# To BUY or NOT - 2005 Case IH RBX562 Round Baler ?



## JB1023 (Feb 22, 2011)

Here is what I am looking at - 2005 case ih rbx562 with 3500 bales through it. NO net wrap just twine, but that is ok where I am at, the people who buy or make hay hate the wrap when feeding it. Wide pickup, hyd pickup, bale/trek monitor, 540pto. They said it has been barn kept. Asking 11,500. I have seen pictures and it looks like new. Now when I go look at it, this maybe a different story. I need help from you guys on what to look for on this machine so I am not shooting myself in the foot. Is there any problems that I should be aware of or ask to find out about. There are both NH and Case dealers in my area, so parts and stuff not a problem. Just trying to learn as much as I can to make the best judgement with the machine and my money. Feel free to add any input. I sure appreciate any help on the subject, I know you guys are the guru's!

Jason


----------



## hillrunner (Jan 23, 2011)

In my area the no net wrap would kill the resale value of that baler. Other than that, those are good hay balers and 3500 bales is not a lot at all. I have about the same thing in a New Holland.
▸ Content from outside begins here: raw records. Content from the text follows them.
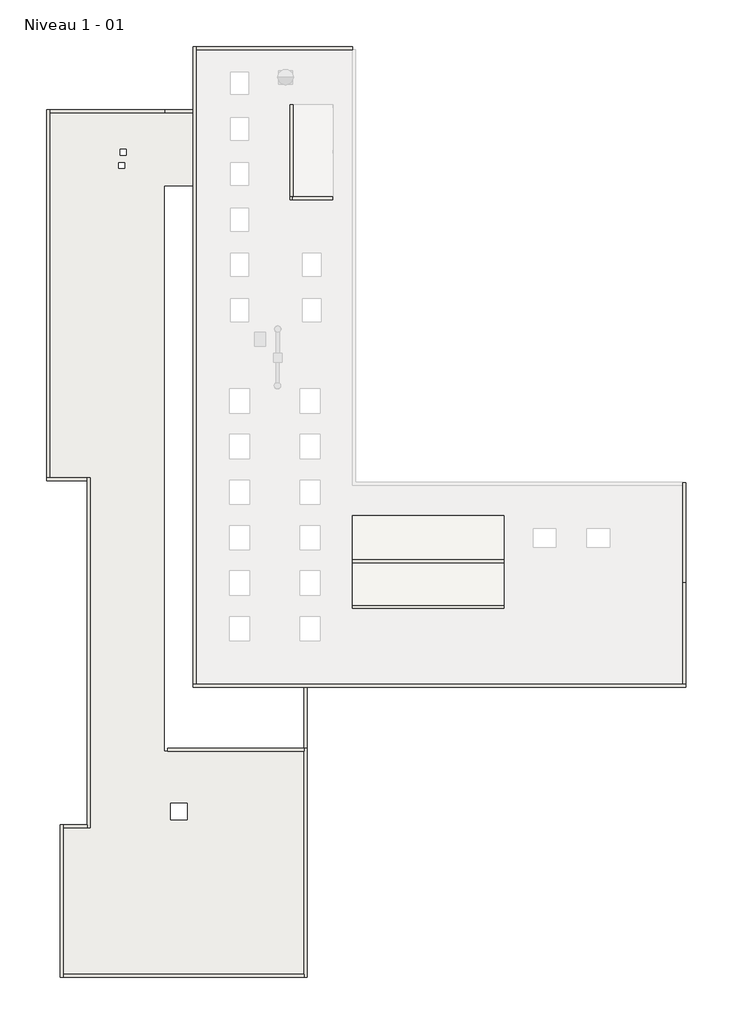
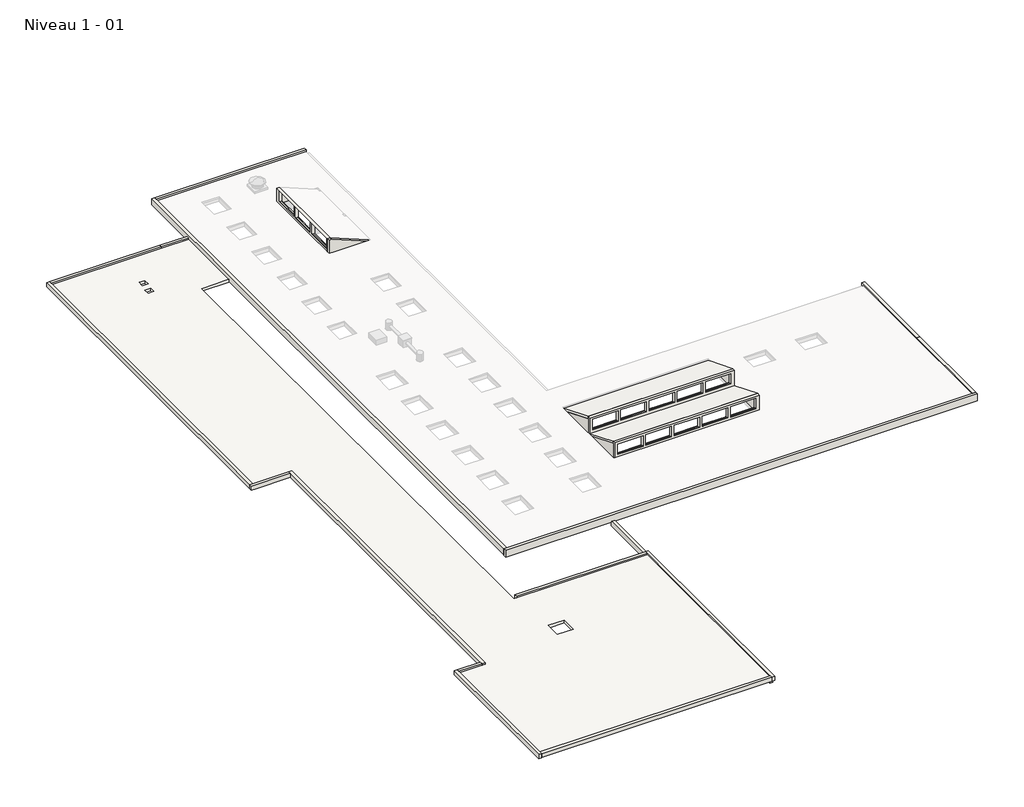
# One storey, part 1 of 3: 25 walls, 3 slabs.
"""IFC4 building model written with IfcOpenShell, lengths in millimetres."""

from ifc_helpers import new_model, si_unit, frame, origin, place, context, project, spatial, polyline, outline, extrude, faceted_brep, element, save

model = new_model("IFC4")

# Units and contexts
model_context = context("Model", 3, world=origin())
ifc_project = project(units=[si_unit("LENGTHUNIT", "METRE", prefix="MILLI")], contexts=[model_context])

# Site, building, storey
site = spatial("IfcSite", under=ifc_project)
building = spatial("IfcBuilding", under=site)
storey = spatial("IfcBuildingStorey", under=building, Name="Niveau 1 - 01", Elevation=3953.3082742)

# Slabs
placement = place(None, origin())
element("IfcSlab", 1, ObjectType="Dalle béton 200mm", at=placement, inside=storey, context=model_context, shape_type="SweptSolid", body=[
    extrude(outline(polyline([(-29023.0967815, -38759.0543071), (-29023.0967815, -53501.1523244), (-44941.7005236, -53501.1523244), (-44941.7005236, -43817.1378766), (-43142.9002047, -43817.1378746), (-43142.9002047, -20666.6974188), (-45839.2374821, -20666.6974188), (-45839.2374821, 3434.6445068), (-36343.9891745, 3434.6445068), (-36343.9891745, -1391.0), (-38243.9891749, -1391.0), (-38243.9891749, -38759.0543071), (-29023.0967815, -38759.0543071)]), holes=[polyline([(-37834.5797272, -42192.9977645), (-37834.5797272, -43292.9977645), (-36734.5797272, -43292.9977645), (-36734.5797272, -42192.9977645), (-37834.5797272, -42192.9977645)]), polyline([(-41152.5123026, 1018.8568888), (-41152.5123026, 628.8568889), (-40762.5123025, 628.8568889), (-40762.5123025, 1018.8568888), (-41152.5123026, 1018.8568888)]), polyline([(-41252.5123026, 158.8568888), (-41252.5123026, -231.1431111), (-40862.5123025, -231.1431111), (-40862.5123025, 158.8568888), (-41252.5123026, 158.8568888)])]), frame((0.0, 0.0, 3653.3082742), z_axis=(0.0, 0.0, 1.0), x_axis=(1.0, 0.0, 0.0)), (0.0, 0.0, 1.0), 200.0),
])
element("IfcSlab", 2, ObjectType="Béton sur place 150mm", at=placement, inside=storey, context=model_context, shape_type="Brep", body=[
    faceted_brep([(-15797.6697002, -26298.571453, 3844.3617374), (-15797.6697002, -26568.2235942, 3953.3082742), (-15797.6697002, -29088.571453, 4971.5949074), (-15997.6697002, -29088.571453, 4971.5949074), (-25593.9891728, -29088.571453, 4971.5949074), (-25793.9891728, -29088.571453, 4971.5949074), (-25793.9891728, -26568.2235942, 3953.3082742), (-25793.9891728, -26298.571453, 3844.3617374), (-15797.6697002, -26298.571453, 4006.1419488), (-25793.9891728, -26298.571453, 4006.1419488), (-25793.9891728, -29088.571453, 5133.3751188), (-15797.6697002, -29088.571453, 5133.3751188)], [[[0, 1, 2, 3, 4, 5, 6, 7]], [[8, 9, 10, 11]], [[2, 1, 0, 8, 11]], [[5, 4, 3, 2, 11, 10]], [[7, 6, 5, 10, 9]], [[0, 7, 9, 8]]]),
])
element("IfcSlab", 3, ObjectType="Béton sur place 150mm", at=placement, inside=storey, context=model_context, shape_type="Brep", body=[
    faceted_brep([(-15797.6697002, -23168.571453, 3787.7980657), (-15797.6697002, -23578.2235942, 3953.3082742), (-15797.6697002, -26098.571453, 4971.5949074), (-15997.6697002, -26098.571453, 4971.5949074), (-25593.9891728, -26098.571453, 4971.5949074), (-25793.9891728, -26098.571453, 4971.5949074), (-25793.9891728, -23578.2235942, 3953.3082742), (-25793.9891728, -23168.571453, 3787.7980657), (-15797.6697002, -23168.571453, 3949.5782771), (-25793.9891728, -23168.571453, 3949.5782771), (-25793.9891728, -23177.8035198, 3953.3082742), (-25793.9891728, -26098.571453, 5133.3751188), (-15797.6697002, -26098.571453, 5133.3751188), (-15797.6697002, -23177.8035198, 3953.3082742)], [[[0, 1, 2, 3, 4, 5, 6, 7]], [[8, 9, 10, 11, 12, 13]], [[2, 1, 0, 8, 13, 12]], [[5, 4, 3, 2, 12, 11]], [[7, 6, 5, 11, 10, 9]], [[0, 7, 9, 8]]]),
])

# Walls
element("IfcWall", 4, ObjectType="Ext. Voile BA 200", at=placement, inside=storey, context=model_context, shape_type="Brep", body=[
    faceted_brep([(-25793.9891728, -29288.571453, 3953.3082742), (-15797.6697002, -29288.571453, 3953.3082742), (-15797.6697002, -29288.571453, 5132.7489541), (-25793.9891728, -29288.571453, 5132.7489541), (-23833.9891728, -29288.571453, 4971.8727639), (-23833.9891728, -29288.571453, 4221.8727639), (-25583.9891728, -29288.571453, 4221.8727639), (-25583.9891728, -29288.571453, 4971.8727639), (-21883.9891728, -29288.571453, 4971.8727639), (-21883.9891728, -29288.571453, 4221.8727639), (-23633.9891728, -29288.571453, 4221.8727639), (-23633.9891728, -29288.571453, 4971.8727639), (-19933.9891728, -29288.571453, 4971.8727639), (-19933.9891728, -29288.571453, 4221.8727639), (-21683.9891728, -29288.571453, 4221.8727639), (-21683.9891728, -29288.571453, 4971.8727639), (-17783.9891728, -29288.571453, 4221.8727639), (-17783.9891728, -29288.571453, 4971.8727639), (-16033.9891728, -29288.571453, 4971.8727639), (-16033.9891728, -29288.571453, 4221.8727639), (-19733.9891728, -29288.571453, 4221.8727639), (-19733.9891728, -29288.571453, 4971.8727639), (-17983.9891728, -29288.571453, 4971.8727639), (-17983.9891728, -29288.571453, 4221.8727639), (-15797.6697002, -29088.571453, 3953.3082742), (-15997.6697002, -29088.571453, 3953.3082742), (-25593.9891728, -29088.571453, 3953.3082742), (-25793.9891728, -29088.571453, 3953.3082742), (-25793.9891728, -29088.571453, 4971.5949074), (-25793.9891728, -29088.571453, 5132.7489541), (-15797.6697002, -29088.571453, 5132.7489541), (-15797.6697002, -29088.571453, 4971.5949074), (-23833.9891728, -29088.571453, 4201.8727639), (-23833.9891728, -29088.571453, 4971.8727639), (-25583.9891728, -29088.571453, 4971.8727639), (-25583.9891728, -29088.571453, 4201.8727639), (-21883.9891728, -29088.571453, 4201.8727639), (-21883.9891728, -29088.571453, 4971.8727639), (-23633.9891728, -29088.571453, 4971.8727639), (-23633.9891728, -29088.571453, 4201.8727639), (-19933.9891728, -29088.571453, 4201.8727639), (-19933.9891728, -29088.571453, 4971.8727639), (-21683.9891728, -29088.571453, 4971.8727639), (-21683.9891728, -29088.571453, 4201.8727639), (-17783.9891728, -29088.571453, 4971.8727639), (-17783.9891728, -29088.571453, 4201.8727639), (-16033.9891728, -29088.571453, 4201.8727639), (-16033.9891728, -29088.571453, 4971.8727639), (-19733.9891728, -29088.571453, 4971.8727639), (-19733.9891728, -29088.571453, 4201.8727639), (-17983.9891728, -29088.571453, 4201.8727639), (-17983.9891728, -29088.571453, 4971.8727639), (-23833.9891728, -29128.571453, 4201.8727639), (-23833.9891728, -29128.571453, 4186.8727639), (-23833.9891728, -29258.571453, 4186.8727639), (-23833.9891728, -29258.571453, 4221.8727639), (-25583.9891728, -29258.571453, 4221.8727639), (-25583.9891728, -29258.571453, 4186.8727639), (-25583.9891728, -29128.571453, 4186.8727639), (-25583.9891728, -29128.571453, 4201.8727639), (-21883.9891728, -29128.571453, 4201.8727639), (-21883.9891728, -29128.571453, 4186.8727639), (-21883.9891728, -29258.571453, 4186.8727639), (-21883.9891728, -29258.571453, 4221.8727639), (-23633.9891728, -29258.571453, 4221.8727639), (-23633.9891728, -29258.571453, 4186.8727639), (-23633.9891728, -29128.571453, 4186.8727639), (-23633.9891728, -29128.571453, 4201.8727639), (-19933.9891728, -29128.571453, 4201.8727639), (-19933.9891728, -29128.571453, 4186.8727639), (-19933.9891728, -29258.571453, 4186.8727639), (-19933.9891728, -29258.571453, 4221.8727639), (-21683.9891728, -29258.571453, 4221.8727639), (-21683.9891728, -29258.571453, 4186.8727639), (-21683.9891728, -29128.571453, 4186.8727639), (-21683.9891728, -29128.571453, 4201.8727639), (-16033.9891728, -29128.571453, 4201.8727639), (-16033.9891728, -29128.571453, 4186.8727639), (-16033.9891728, -29258.571453, 4186.8727639), (-16033.9891728, -29258.571453, 4221.8727639), (-17783.9891728, -29258.571453, 4221.8727639), (-17783.9891728, -29258.571453, 4186.8727639), (-17783.9891728, -29128.571453, 4186.8727639), (-17783.9891728, -29128.571453, 4201.8727639), (-17983.9891728, -29128.571453, 4201.8727639), (-17983.9891728, -29128.571453, 4186.8727639), (-17983.9891728, -29258.571453, 4186.8727639), (-17983.9891728, -29258.571453, 4221.8727639), (-19733.9891728, -29258.571453, 4221.8727639), (-19733.9891728, -29258.571453, 4186.8727639), (-19733.9891728, -29128.571453, 4186.8727639), (-19733.9891728, -29128.571453, 4201.8727639)], [[[0, 1, 2, 3], [4, 5, 6, 7], [8, 9, 10, 11], [12, 13, 14, 15], [16, 17, 18, 19], [20, 21, 22, 23]], [[24, 25, 26, 27, 28, 29, 30, 31], [32, 33, 34, 35], [36, 37, 38, 39], [40, 41, 42, 43], [44, 45, 46, 47], [48, 49, 50, 51]], [[1, 0, 27, 26, 25, 24]], [[3, 2, 30, 29]], [[0, 3, 29, 28, 27]], [[2, 1, 24, 31, 30]], [[4, 33, 32, 52, 53, 54, 55, 5]], [[6, 56, 57, 58, 59, 35, 34, 7]], [[5, 55, 56, 6]], [[55, 54, 57, 56]], [[54, 53, 58, 57]], [[53, 52, 59, 58]], [[52, 32, 35, 59]], [[33, 4, 7, 34]], [[8, 37, 36, 60, 61, 62, 63, 9]], [[10, 64, 65, 66, 67, 39, 38, 11]], [[9, 63, 64, 10]], [[63, 62, 65, 64]], [[62, 61, 66, 65]], [[61, 60, 67, 66]], [[60, 36, 39, 67]], [[37, 8, 11, 38]], [[12, 41, 40, 68, 69, 70, 71, 13]], [[14, 72, 73, 74, 75, 43, 42, 15]], [[13, 71, 72, 14]], [[71, 70, 73, 72]], [[70, 69, 74, 73]], [[69, 68, 75, 74]], [[68, 40, 43, 75]], [[41, 12, 15, 42]], [[18, 47, 46, 76, 77, 78, 79, 19]], [[16, 80, 81, 82, 83, 45, 44, 17]], [[19, 79, 80, 16]], [[79, 78, 81, 80]], [[78, 77, 82, 81]], [[77, 76, 83, 82]], [[76, 46, 45, 83]], [[47, 18, 17, 44]], [[22, 51, 50, 84, 85, 86, 87, 23]], [[20, 88, 89, 90, 91, 49, 48, 21]], [[23, 87, 88, 20]], [[87, 86, 89, 88]], [[86, 85, 90, 89]], [[85, 84, 91, 90]], [[84, 50, 49, 91]], [[51, 22, 21, 48]]]),
])
element("IfcWall", 5, ObjectType="Ext. Voile BA 200", at=placement, inside=storey, context=model_context, shape_type="SweptSolid", body=[
    extrude(outline(polyline([(-29088.571453, 3953.3082742), (-29088.571453, 4971.5949074), (-26568.2235942, 3953.3082742), (-29088.571453, 3953.3082742)])), frame((-15997.6697002, 0.0, 0.0), z_axis=(1.0, 0.0, 0.0), x_axis=(0.0, 1.0, 0.0)), (0.0, 0.0, 1.0), 200.0),
])
element("IfcWall", 6, ObjectType="Ext. Voile BA 200", at=placement, inside=storey, context=model_context, shape_type="SweptSolid", body=[
    extrude(outline(polyline([(-26568.2235942, 3953.3082742), (-29088.571453, 3953.3082742), (-29088.571453, 4971.5949074), (-26568.2235942, 3953.3082742)])), frame((-25793.9891728, 0.0, 0.0), z_axis=(1.0, 0.0, 0.0), x_axis=(0.0, 1.0, 0.0)), (0.0, 0.0, 1.0), 200.0),
])
element("IfcWall", 7, ObjectType="Ext. Voile BA 200", at=placement, inside=storey, context=model_context, shape_type="Brep", body=[
    faceted_brep([(-25793.9891728, -26298.571453, 3953.3082742), (-15797.6697002, -26298.571453, 3953.3082742), (-15797.6697002, -26298.571453, 5132.7489541), (-25793.9891728, -26298.571453, 5132.7489541), (-23833.9891728, -26298.571453, 4971.8727639), (-23833.9891728, -26298.571453, 4221.8727639), (-25583.9891728, -26298.571453, 4221.8727639), (-25583.9891728, -26298.571453, 4971.8727639), (-21883.9891728, -26298.571453, 4971.8727639), (-21883.9891728, -26298.571453, 4221.8727639), (-23633.9891728, -26298.571453, 4221.8727639), (-23633.9891728, -26298.571453, 4971.8727639), (-19933.9891728, -26298.571453, 4971.8727639), (-19933.9891728, -26298.571453, 4221.8727639), (-21683.9891728, -26298.571453, 4221.8727639), (-21683.9891728, -26298.571453, 4971.8727639), (-17783.9891728, -26298.571453, 4221.8727639), (-17783.9891728, -26298.571453, 4971.8727639), (-16033.9891728, -26298.571453, 4971.8727639), (-16033.9891728, -26298.571453, 4221.8727639), (-19733.9891728, -26298.571453, 4221.8727639), (-19733.9891728, -26298.571453, 4971.8727639), (-17983.9891728, -26298.571453, 4971.8727639), (-17983.9891728, -26298.571453, 4221.8727639), (-15797.6697002, -26098.571453, 3953.3082742), (-15997.6697002, -26098.571453, 3953.3082742), (-25593.9891728, -26098.571453, 3953.3082742), (-25793.9891728, -26098.571453, 3953.3082742), (-25793.9891728, -26098.571453, 4971.5949074), (-25793.9891728, -26098.571453, 5132.7489541), (-15797.6697002, -26098.571453, 5132.7489541), (-15797.6697002, -26098.571453, 4971.5949074), (-23833.9891728, -26098.571453, 4201.8727639), (-23833.9891728, -26098.571453, 4971.8727639), (-25583.9891728, -26098.571453, 4971.8727639), (-25583.9891728, -26098.571453, 4201.8727639), (-21883.9891728, -26098.571453, 4201.8727639), (-21883.9891728, -26098.571453, 4971.8727639), (-23633.9891728, -26098.571453, 4971.8727639), (-23633.9891728, -26098.571453, 4201.8727639), (-19933.9891728, -26098.571453, 4201.8727639), (-19933.9891728, -26098.571453, 4971.8727639), (-21683.9891728, -26098.571453, 4971.8727639), (-21683.9891728, -26098.571453, 4201.8727639), (-17783.9891728, -26098.571453, 4971.8727639), (-17783.9891728, -26098.571453, 4201.8727639), (-16033.9891728, -26098.571453, 4201.8727639), (-16033.9891728, -26098.571453, 4971.8727639), (-19733.9891728, -26098.571453, 4971.8727639), (-19733.9891728, -26098.571453, 4201.8727639), (-17983.9891728, -26098.571453, 4201.8727639), (-17983.9891728, -26098.571453, 4971.8727639), (-23833.9891728, -26138.571453, 4201.8727639), (-23833.9891728, -26138.571453, 4186.8727639), (-23833.9891728, -26268.571453, 4186.8727639), (-23833.9891728, -26268.571453, 4221.8727639), (-25583.9891728, -26268.571453, 4221.8727639), (-25583.9891728, -26268.571453, 4186.8727639), (-25583.9891728, -26138.571453, 4186.8727639), (-25583.9891728, -26138.571453, 4201.8727639), (-21883.9891728, -26138.571453, 4201.8727639), (-21883.9891728, -26138.571453, 4186.8727639), (-21883.9891728, -26268.571453, 4186.8727639), (-21883.9891728, -26268.571453, 4221.8727639), (-23633.9891728, -26268.571453, 4221.8727639), (-23633.9891728, -26268.571453, 4186.8727639), (-23633.9891728, -26138.571453, 4186.8727639), (-23633.9891728, -26138.571453, 4201.8727639), (-19933.9891728, -26138.571453, 4201.8727639), (-19933.9891728, -26138.571453, 4186.8727639), (-19933.9891728, -26268.571453, 4186.8727639), (-19933.9891728, -26268.571453, 4221.8727639), (-21683.9891728, -26268.571453, 4221.8727639), (-21683.9891728, -26268.571453, 4186.8727639), (-21683.9891728, -26138.571453, 4186.8727639), (-21683.9891728, -26138.571453, 4201.8727639), (-16033.9891728, -26138.571453, 4201.8727639), (-16033.9891728, -26138.571453, 4186.8727639), (-16033.9891728, -26268.571453, 4186.8727639), (-16033.9891728, -26268.571453, 4221.8727639), (-17783.9891728, -26268.571453, 4221.8727639), (-17783.9891728, -26268.571453, 4186.8727639), (-17783.9891728, -26138.571453, 4186.8727639), (-17783.9891728, -26138.571453, 4201.8727639), (-17983.9891728, -26138.571453, 4201.8727639), (-17983.9891728, -26138.571453, 4186.8727639), (-17983.9891728, -26268.571453, 4186.8727639), (-17983.9891728, -26268.571453, 4221.8727639), (-19733.9891728, -26268.571453, 4221.8727639), (-19733.9891728, -26268.571453, 4186.8727639), (-19733.9891728, -26138.571453, 4186.8727639), (-19733.9891728, -26138.571453, 4201.8727639)], [[[0, 1, 2, 3], [4, 5, 6, 7], [8, 9, 10, 11], [12, 13, 14, 15], [16, 17, 18, 19], [20, 21, 22, 23]], [[24, 25, 26, 27, 28, 29, 30, 31], [32, 33, 34, 35], [36, 37, 38, 39], [40, 41, 42, 43], [44, 45, 46, 47], [48, 49, 50, 51]], [[1, 0, 27, 26, 25, 24]], [[3, 2, 30, 29]], [[0, 3, 29, 28, 27]], [[2, 1, 24, 31, 30]], [[4, 33, 32, 52, 53, 54, 55, 5]], [[6, 56, 57, 58, 59, 35, 34, 7]], [[5, 55, 56, 6]], [[55, 54, 57, 56]], [[54, 53, 58, 57]], [[53, 52, 59, 58]], [[52, 32, 35, 59]], [[33, 4, 7, 34]], [[8, 37, 36, 60, 61, 62, 63, 9]], [[10, 64, 65, 66, 67, 39, 38, 11]], [[9, 63, 64, 10]], [[63, 62, 65, 64]], [[62, 61, 66, 65]], [[61, 60, 67, 66]], [[60, 36, 39, 67]], [[37, 8, 11, 38]], [[12, 41, 40, 68, 69, 70, 71, 13]], [[14, 72, 73, 74, 75, 43, 42, 15]], [[13, 71, 72, 14]], [[71, 70, 73, 72]], [[70, 69, 74, 73]], [[69, 68, 75, 74]], [[68, 40, 43, 75]], [[41, 12, 15, 42]], [[18, 47, 46, 76, 77, 78, 79, 19]], [[16, 80, 81, 82, 83, 45, 44, 17]], [[19, 79, 80, 16]], [[79, 78, 81, 80]], [[78, 77, 82, 81]], [[77, 76, 83, 82]], [[76, 46, 45, 83]], [[47, 18, 17, 44]], [[22, 51, 50, 84, 85, 86, 87, 23]], [[20, 88, 89, 90, 91, 49, 48, 21]], [[23, 87, 88, 20]], [[87, 86, 89, 88]], [[86, 85, 90, 89]], [[85, 84, 91, 90]], [[84, 50, 49, 91]], [[51, 22, 21, 48]]]),
])
element("IfcWall", 8, ObjectType="Ext. Voile BA 200", at=placement, inside=storey, context=model_context, shape_type="SweptSolid", body=[
    extrude(outline(polyline([(-26098.571453, 3953.3082742), (-26098.571453, 4971.5949074), (-23578.2235942, 3953.3082742), (-26098.571453, 3953.3082742)])), frame((-15997.6697002, 0.0, 0.0), z_axis=(1.0, 0.0, 0.0), x_axis=(0.0, 1.0, 0.0)), (0.0, 0.0, 1.0), 200.0),
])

It is a good baler but does not keep up with the new Vermeers or the 568 Deeres in corn stalks.


----------



## ROLLNITUP (May 25, 2009)

I have a rbx 563 and a jd 568 the ih baler makes better bales. you dont have to weave as much as with the jd baler. the pickup is the only weak part on the ih baler. that sounds like a good price.


----------



## JB1023 (Feb 22, 2011)

Thanks for your replys.

@rollnitup - can you fill me in on the pickup reel, thats a pretty vital part of the baler and baling. I will be baling mostly jiggs, tifton, coastal, prarie hay and some hay grazer.


----------



## ROLLNITUP (May 25, 2009)

its just not as strong as the jd but it works good. only have trouble in heavy 1st cutting alfalfa. and thats just on the end rows where the rake leaves clumps.


----------



## JB1023 (Feb 22, 2011)

that makes sense, our vermeer 605h does the same thing, man I hate when it balls up - gotta go dig that itchy hay out.


----------